Вскоре за ним последовал и Володя. Мой друг надеялся разыскать учителя и тоже верил, что поймает говорящую щуку. Он уехал и не писал, след «его затерялся в безбрежных снегах. А я скучал по нему. Мне не хватало его.
Счастье, что столы в нашей комнате стояли не вплотную к окнам и в любой момент я мог подойти и посмотреть, что там, на крыше, и развеяться.
Ах, этот головокружительно-острый запах весны! И выключенные наконец батареи парового отопления. Повернусь, увижу свой стол, заваленный бумагами, — затмение, голова черной ватой набита. Приникну к форточке — отпускает.
Перед сном ко мне заглядывал Барсуков. У меня ему было скучно, он томился, но, по-видимому, еще хуже было ему у себя.
С Барсуковым мы играли в шахматы. Иногда, если выигрывал или был в хорошем настроении, Барсуков звал меня в гости пить чай. Я отказывался. Уходя, Барсуков неизменно справлялся, не забыл ли я завести будильник.
— Проверь, проверь, — настаивал он.
Ненавижу звон будильника. От него кровь останавливается в жилах, и ужас обрушивается на тебя, беззащитного во сне. (Мы ведь тоже тикаем, только по-своему.
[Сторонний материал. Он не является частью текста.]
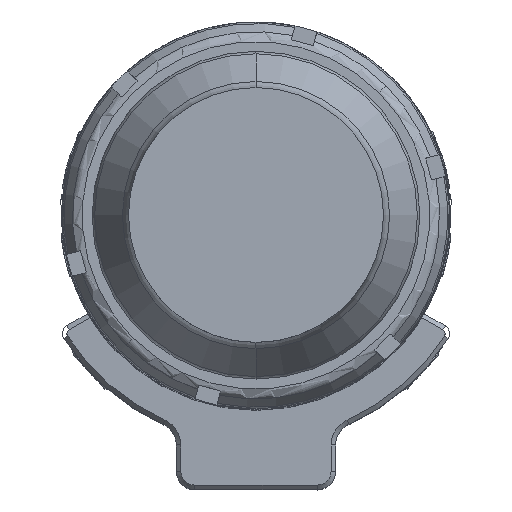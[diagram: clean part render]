
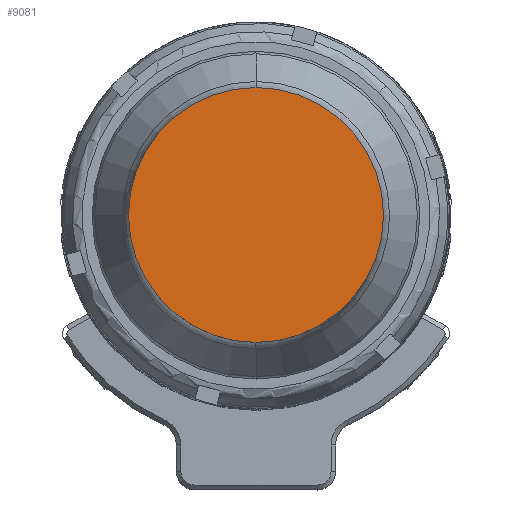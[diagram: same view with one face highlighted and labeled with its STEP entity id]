
A CAD part, top view. The second image highlights one B-rep face of the part: STEP entity #9081.
In plain terms, the highlighted planar face has unit normal (0, 0, 1).
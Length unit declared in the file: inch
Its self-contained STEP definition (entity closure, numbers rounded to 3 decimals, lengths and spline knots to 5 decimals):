
#8804=CARTESIAN_POINT('',(-0.00118,0.,13.151));
#8805=DIRECTION('',(0.,0.,1.));
#8806=DIRECTION('',(0.,1.,0.));
#8807=AXIS2_PLACEMENT_3D('',#8804,#8805,#8806);
#8846=CARTESIAN_POINT('',(-0.00118,0.,13.151));
#8847=DIRECTION('',(0.,0.,-1.));
#8848=DIRECTION('',(0.,1.,0.));
#8849=AXIS2_PLACEMENT_3D('',#8846,#8847,#8848);
#8977=CARTESIAN_POINT('',(-0.00118,1.4,13.151));
#8978=CARTESIAN_POINT('',(-0.00118,-1.4,13.151));
#8979=VERTEX_POINT('',#8977);
#8980=VERTEX_POINT('',#8978);
#9071=CARTESIAN_POINT('',(-0.00118,0.,13.151));
#9072=DIRECTION('',(0.,0.,1.));
#9073=DIRECTION('',(0.,-1.,0.));
#9074=AXIS2_PLACEMENT_3D('',#9071,#9072,#9073);
#9075=PLANE('',#9074);
#9076=ORIENTED_EDGE('',*,*,#9064,.F.);
#9078=ORIENTED_EDGE('',*,*,#9077,.T.);
#9079=EDGE_LOOP('',(#9076,#9078));
#9080=FACE_OUTER_BOUND('',#9079,.F.);
#9081=ADVANCED_FACE('',(#9080),#9075,.T.);
#8808=CIRCLE('',#8807,1.4);
#8850=CIRCLE('',#8849,1.4);
#9064=EDGE_CURVE('',#8979,#8980,#8808,.T.);
#9077=EDGE_CURVE('',#8979,#8980,#8850,.T.);
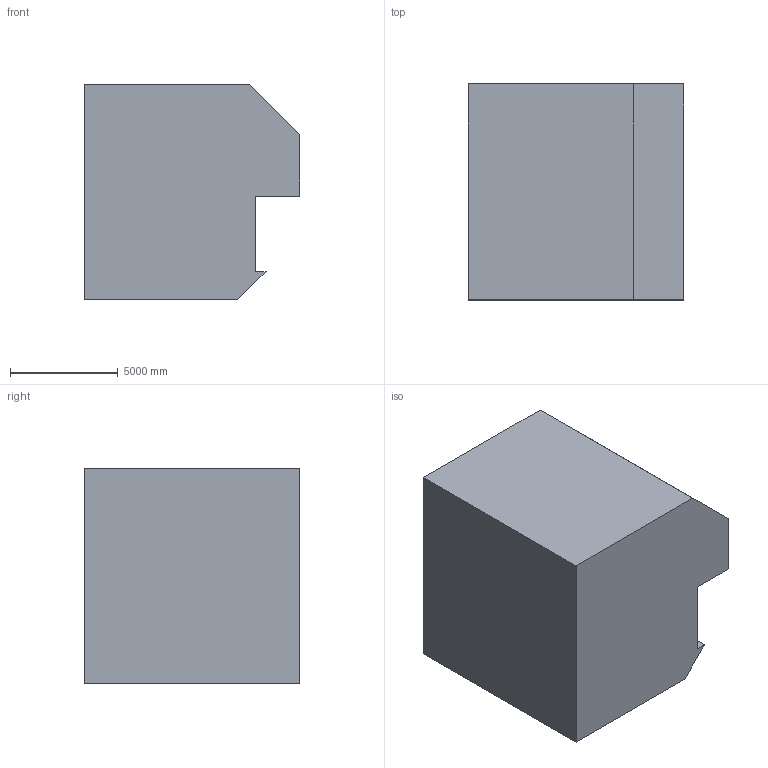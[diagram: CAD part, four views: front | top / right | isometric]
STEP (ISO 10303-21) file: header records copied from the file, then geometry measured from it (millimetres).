
FILE_DESCRIPTION (( 'STEP AP203' ), '1' );
FILE_NAME ('203.STEP', '2022-07-28T13:53:33', ( 'user' ), ( '' ), 'SwSTEP 2.0', 'SolidWorks 2021', '' );
FILE_SCHEMA (( 'CONFIG_CONTROL_DESIGN' ));
Length unit declared in the file: centimetre
Products named in the file (1): 203
Bounding box: 10000 x 10000 x 10000 mm (x, y, z)
Volume: 871398736094.7 mm3; surface area: 562464135.9 mm2
Topology: 1 solids, 1 shells, 11 faces, 27 edges, 18 vertices
Faces by surface type: plane 11
Entity records: 398 total; most frequent: CARTESIAN_POINT 57, ORIENTED_EDGE 54, DIRECTION 51, LINE 27, VECTOR 27, EDGE_CURVE 27, VERTEX_POINT 18, AXIS2_PLACEMENT_3D 12

Посчитайте: семьдесят два удара в минуту, если механизм исправен. А звон будильника подгоняет до ста.)
Я и ночью плохо спал из-за ожидания этого звона и шарканья тапочек по коридору. Евдокия каждую ночь по нескольку раз ходила туда-сюда: ее мучила зубная боль.
Я просыпался, выходил в кухню. Тараканы бросались врассыпную веером коричневых брызг.
Снова ложился. Но сон не шел. Я был один, совсем один. И некому было меня утешить.